Executive Summary
As AI systems become increasingly embedded into critical infrastructure and decision-making, cybersecurity professionals face a simple but urgent truth: artificial intelligence is not secure by default.
In 2025, the European Telecommunications Standards Institute (ETSI) released TS 104 223, a landmark technical specification outlining baseline cybersecurity requirements for AI systems — from foundation models to domain-specific deployments.
This article explores the significance of TS 104 223, its lifecycle-based approach, and what it means for system architects, CISOs, compliance leaders, and AI developers globally.
What Is ETSI TS 104 223?
ETSI TS 104 223 defines a structured cybersecurity framework across five phases of the AI lifecycle:
- Secure Design
- Secure Development
- Secure Deployment
- Secure Maintenance
- Secure End-of-Life
This standard addresses both traditional cybersecurity concerns (access control, patching, vulnerability management) and AI-specific threats — including data poisoning, model inversion, prompt injection, and adversarial misuse.
“Security in AI is no longer an add-on. It must be embedded at the design level, audited continuously, and maintained throughout the system’s lifecycle.”
— TS 104 223, Clause 5
What Makes AI Security Different?
Unlike conventional software systems, AI systems:
- Learn from sensitive or unverified datasets
- Adapt or update based on user feedback (reinforcement, fine-tuning)
- Generate unpredictable outputs, sometimes at scale
- Operate within complex supply chains of data, prompts, APIs, and models
As a result, new categories of threats emerge:
- Data poisoning in training pipelines
- Prompt injection against language models
- Membership inference attacks
- Model leakage through unregulated API exposure
- Non-deterministic behavior with ethical and legal consequences
Traditional threat modeling is insufficient.
Core Principles from ETSI TS 104 223
1. Security by Design
AI systems must be engineered with security, explainability, and risk boundaries from the outset.

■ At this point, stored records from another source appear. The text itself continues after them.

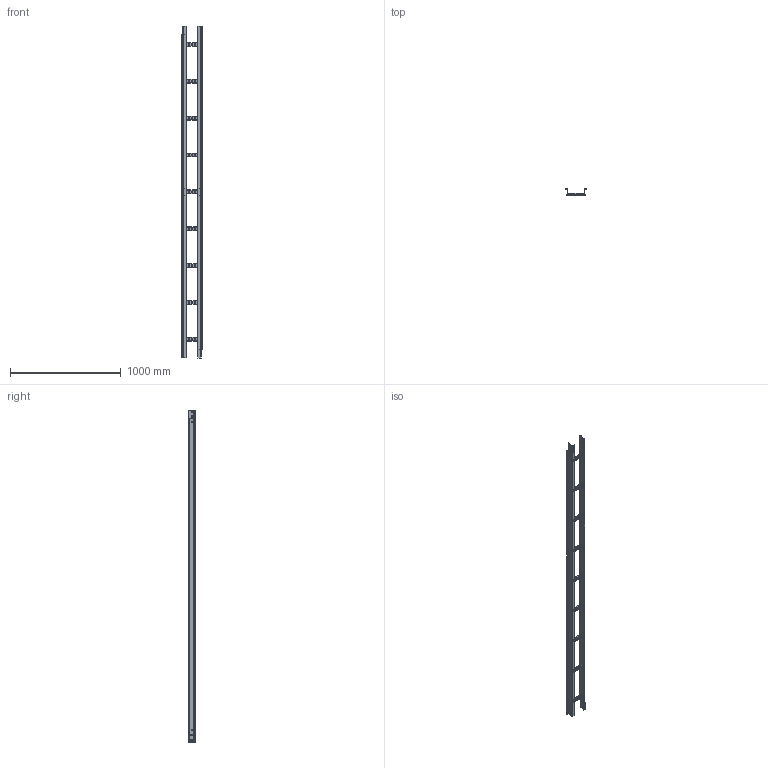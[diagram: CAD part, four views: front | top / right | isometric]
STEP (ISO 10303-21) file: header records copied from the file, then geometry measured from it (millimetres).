
FILE_DESCRIPTION (( 'STEP AP214' ), '1' );
FILE_NAME ('FRE 150X60-333 3M.STEP', '2023-06-28T11:42:22', ( '' ), ( '' ), 'SwSTEP 2.0', 'SolidWorks 2022', '' );
FILE_SCHEMA (( 'AUTOMOTIVE_DESIGN' ));
Length unit declared in the file: millimetre
Products named in the file (3): FRE 150X60-333 3M; FER_MONTANTE_GS_60x1,2; FE_RA35_GS_150
Assembly tree (11 placements, depth 2):
  FRE 150X60-333 3M
    FER_MONTANTE_GS_60x1,2  x2
    FE_RA35_GS_150  x9
Bounding box: 180.8 x 64.2 x 3000 mm (x, y, z)
Volume: 134882.2 mm3; surface area: 1513995.9 mm2
Topology: 9 solids, 13 shells, 954 faces, 2318 edges, 1424 vertices
Faces by surface type: plane 544, cylinder 262, torus 144, bspline 4
Entity records: 5993 total; most frequent: CARTESIAN_POINT 1365, DIRECTION 991, ORIENTED_EDGE 902, EDGE_CURVE 459, AXIS2_PLACEMENT_3D 361, VERTEX_POINT 292, LINE 269, VECTOR 269
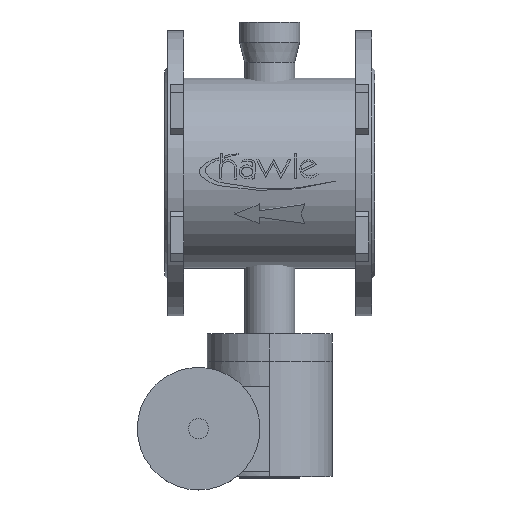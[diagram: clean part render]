
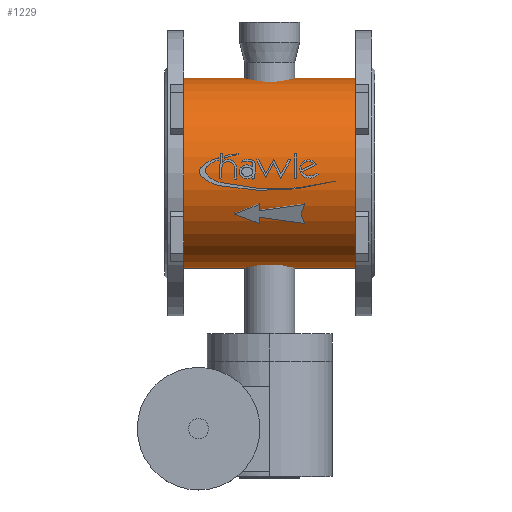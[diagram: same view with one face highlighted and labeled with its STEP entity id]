
A CAD part, top view. The second image highlights one B-rep face of the part: STEP entity #1229.
In plain terms, the highlighted cylindrical face has radius 95 mm (diameter 190 mm), a partial arc.
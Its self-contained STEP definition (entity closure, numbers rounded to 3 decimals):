
#1229=ADVANCED_FACE('',(#2391),#2392,.T.);
#2391=FACE_OUTER_BOUND('',#3773,.T.);
#2392=CYLINDRICAL_SURFACE('',#3774,95.0);
#3773=EDGE_LOOP('',(#5918,#5919,#5920,#5921));
#3774=AXIS2_PLACEMENT_3D('',#5922,#5923,#5924);
#5918=ORIENTED_EDGE('',*,*,#7322,.T.);
#5919=ORIENTED_EDGE('',*,*,#8068,.T.);
#5920=ORIENTED_EDGE('',*,*,#7324,.T.);
#5921=ORIENTED_EDGE('',*,*,#7987,.T.);
#5922=CARTESIAN_POINT('',(-191.0,0.,0.0));
#5923=DIRECTION('',(1.0,0.,0.0));
#5924=DIRECTION('',(0.,-1.0,0.0));
#7322=EDGE_CURVE('',#8543,#8544,#8545,.T.);
#7324=EDGE_CURVE('',#8548,#8546,#8549,.T.);
#7987=EDGE_CURVE('',#8546,#8543,#9585,.T.);
#8068=EDGE_CURVE('',#8544,#8548,#9687,.T.);
#8543=VERTEX_POINT('',#10244);
#8544=VERTEX_POINT('',#10245);
#8545=LINE('',#10246,#10247);
#8546=VERTEX_POINT('',#10248);
#8548=VERTEX_POINT('',#10250);
#8549=LINE('',#10251,#10252);
#9585=CIRCLE('',#11633,95.0);
#9687=CIRCLE('',#11764,95.0);
#10244=CARTESIAN_POINT('',(-191.0,-95.0,0.0));
#10245=CARTESIAN_POINT('',(-19.0,-95.0,0.0));
#10246=CARTESIAN_POINT('',(-191.0,-95.0,0.));
#10247=VECTOR('',#12347,1.0);
#10248=CARTESIAN_POINT('',(-191.0,95.0,0.));
#10250=CARTESIAN_POINT('',(-19.0,95.0,0.));
#10251=CARTESIAN_POINT('',(-191.0,95.0,0.));
#10252=VECTOR('',#12351,1.0);
#11633=AXIS2_PLACEMENT_3D('',#13286,#13287,#13288);
#11764=AXIS2_PLACEMENT_3D('',#13387,#13388,#13389);
#12347=DIRECTION('',(1.0,0.,0.0));
#12351=DIRECTION('',(-1.0,0.,-0.0));
#13286=CARTESIAN_POINT('',(-191.0,0.,0.0));
#13287=DIRECTION('',(1.0,0.,0.0));
#13288=DIRECTION('',(0.,-1.0,0.0));
#13387=CARTESIAN_POINT('',(-19.0,0.,0.0));
#13388=DIRECTION('',(-1.0,0.,0.0));
#13389=DIRECTION('',(0.,-1.0,0.0));
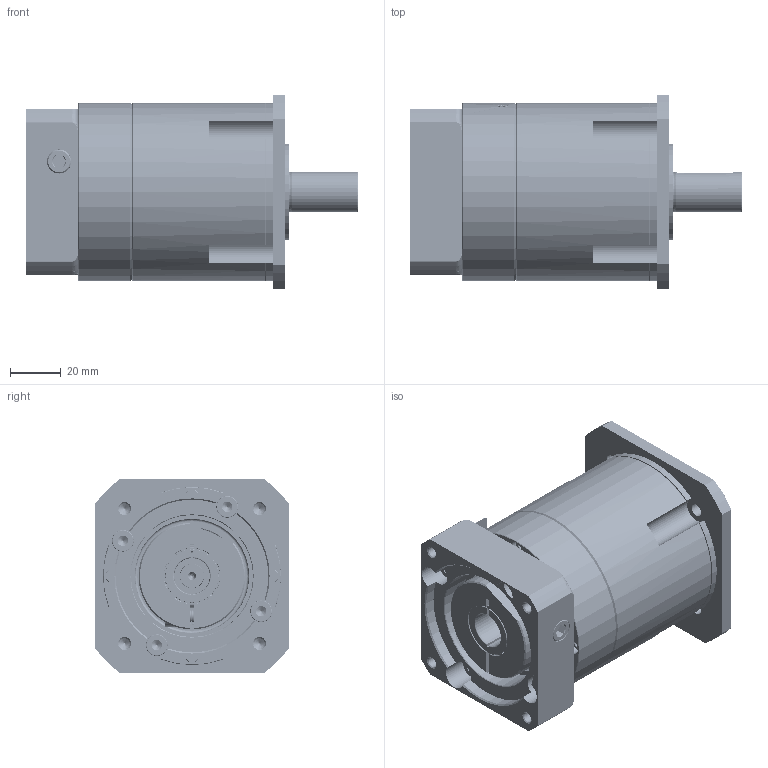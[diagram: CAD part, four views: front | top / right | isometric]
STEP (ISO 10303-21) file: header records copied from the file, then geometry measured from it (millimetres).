
FILE_DESCRIPTION (( 'STEP AP214' ), '1' );
FILE_NAME ('LH-023-005-P01-S01-S-SL-064-A03-0000-0RR-FFF-MMM-S-LL-XXX-AXX-0000-Default.step', '2025-02-26T18:28:03', ( '' ), ( '' ), 'SwSTEP 2.0', 'SolidWorks 2019', '' );
FILE_SCHEMA (( 'AUTOMOTIVE_DESIGN' ));
Length unit declared in the file: millimetre
Products named in the file (37): 6205 2XCS_DEFAULT; 9001417-00XX_9001417-00XX; O-Ring 52 x 2_Male Gland 55x52x2.7; 5003038-X00X_5003038-1001; 5000792-000X_Solid; 9002652-XXXX_9002652-9XXX; LH-023-005-P01-S01-S-SL-064-A03-0000-0RR-FFF-MMM-S-LL-XXX-AXX-0000-Default; collar, 19 mm input, stop shoulder; 5001282; 5000789_ISO 4762 M5 x 12 --- 12 -- 12.9 -- black; EH-47_EH-47 internal retaining ring; 9000239-000X_9000239-0001; 130-02906; 400-00023; Circlip DIN 472 - 52 x 2; 9003569-000X_9003569-00XX; 4001306_91290A123; interface extension, single stage, LH-010_Black Anodize; 5000698; 5003446-X0XX_Generic; ISO 4762 M5 x 16 --- 16 -- 12.9 -- black; 4001379; input shaft, single stage, AH-010, LH-010_i=3, 4, 5; 9001419-X0XX_9001419-X0XX; 500-03109; Circlip DIN 471 - 25 x 1.2; Wave spring washer for bearings 42 x 51 x 0.5_Working Thickness 0.8; 5003044-0XXX_i=4, keyway; 4000390_4000390; O-Ring 47 x 2_Male Gland 47x50x2.8; 5001279; 5001642-00XX_Generic; 530-02409_Working Thickness 1.0; Label Model Family_Onvio Header; 5000710
Assembly tree (102 placements, depth 5):
  LH-023-005-P01-S01-S-SL-064-A03-0000-0RR-FFF-MMM-S-LL-XXX-AXX-0000-Default
    9002652-XXXX_9002652-9XXX
      5003038-X00X_5003038-1001
      9003569-000X_9003569-00XX
        interface extension, single stage, LH-010_Black Anodize
        O-Ring 47 x 2_Male Gland 47x50x2.8
        collar, 19 mm input, stop shoulder
        ISO 4762 M5 x 16 --- 16 -- 12.9 -- black
        530-02409_Working Thickness 1.0
        EH-47_EH-47 internal retaining ring
        9001417-00XX_9001417-00XX
          input shaft, single stage, AH-010, LH-010_i=3, 4, 5
          5000710
          400-00023
          Circlip DIN 471 - 25 x 1.2
      9001419-X0XX_9001419-X0XX
        5003044-0XXX_i=4, keyway
        9000239-000X_9000239-0001
          5000792-000X_Solid
          5000698
          5001279  x14
          5001282  x2
        9000239-000X_9000239-0001
          5000792-000X_Solid
          5000698
          5001279  x14
          5001282  x2
        9000239-000X_9000239-0001
          5000792-000X_Solid
          5000698
          5001279  x14
          5001282  x2
      6205 2XCS_DEFAULT  x2
      Circlip DIN 472 - 52 x 2
      Circlip DIN 471 - 25 x 1.2
      Wave spring washer for bearings 42 x 51 x 0.5_Working Thickness 0.8
      O-Ring 52 x 2_Male Gland 55x52x2.7
      4001306_91290A123  x8
      4000390_4000390
    5003446-X0XX_Generic
    5001642-00XX_Generic
    5000789_ISO 4762 M5 x 12 --- 12 -- 12.9 -- black  x4
    4001379  x2
    Label Model Family_Onvio Header
    130-02906
    500-03109  x4
Bounding box: 130.5 x 76 x 76 mm (x, y, z)
Volume: 319858.5 mm3; surface area: 175954.2 mm2
Topology: 96 solids, 100 shells, 5872 faces, 15738 edges, 10155 vertices
Faces by surface type: cylinder 1768, plane 1389, bspline 1183, cone 784, torus 720, sphere 28
Entity records: 168147 total; most frequent: CARTESIAN_POINT 69386, ORIENTED_EDGE 19154, DIRECTION 14411, EDGE_CURVE 9577, VERTEX_POINT 6235, AXIS2_PLACEMENT_3D 5313, EDGE_LOOP 3844, VECTOR 3785

- Threat modeling should cover both classic and AI-specific vectors
- External models/components require AI-specific due diligence
- Documentation and auditability are critical for compliance and forensics
2. Risk-Based Access & API Hardening
- Limit the exposure of LLMs or predictive models via APIs
- Apply rate-limiting and monitoring to prevent abuse or extraction
- Configure access based on functional need, not default permissions
3. Asset Documentation & Traceability
Organizations must:
- Maintain a complete asset register of training data, model versions, prompts, and dependencies
- Use cryptographic hashes to verify model authenticity
- Log every change in system prompts, model fine-tuning, or inference behaviors
4. Secure Supply Chain
The AI pipeline is not just internal.
- Third-party data providers, pre-trained models, and cloud vendors are all threat vectors
- SBOM (Software Bill of Materials) and transparency around training data are essential
5. Human Oversight and Responsible AI
- Ensure model outputs are interpretable
- Communicate limitations and failure modes to end users
- Implement technical guardrails to support governance and compliance
Practical Implications for Security and GRC Professionals
DomainRequired ActionGovernanceMap AI lifecycle to ISO 27001, NIST AI RMF, and ETSI TS 104 223SecurityExtend existing controls (e.g., SIEM, SOAR) to monitor AI-specific eventsComplianceAlign model documentation with EU AI Act, GDPR, and sectoral standardsRiskUpdate threat models to include adversarial and generative attack vectorsAuditImplement continuous AI audits — not just one-time assessments
Final Thoughts
AI systems today are shaping how decisions are made — in healthcare, finance, defense, and society at large.
But security practices haven’t kept pace with this shift.
ETSI TS 104 223 should be treated not as a recommendation, but as a strategic architecture blueprint. It is a call to action for those building, deploying, or regulating AI systems: Security must scale with intelligence.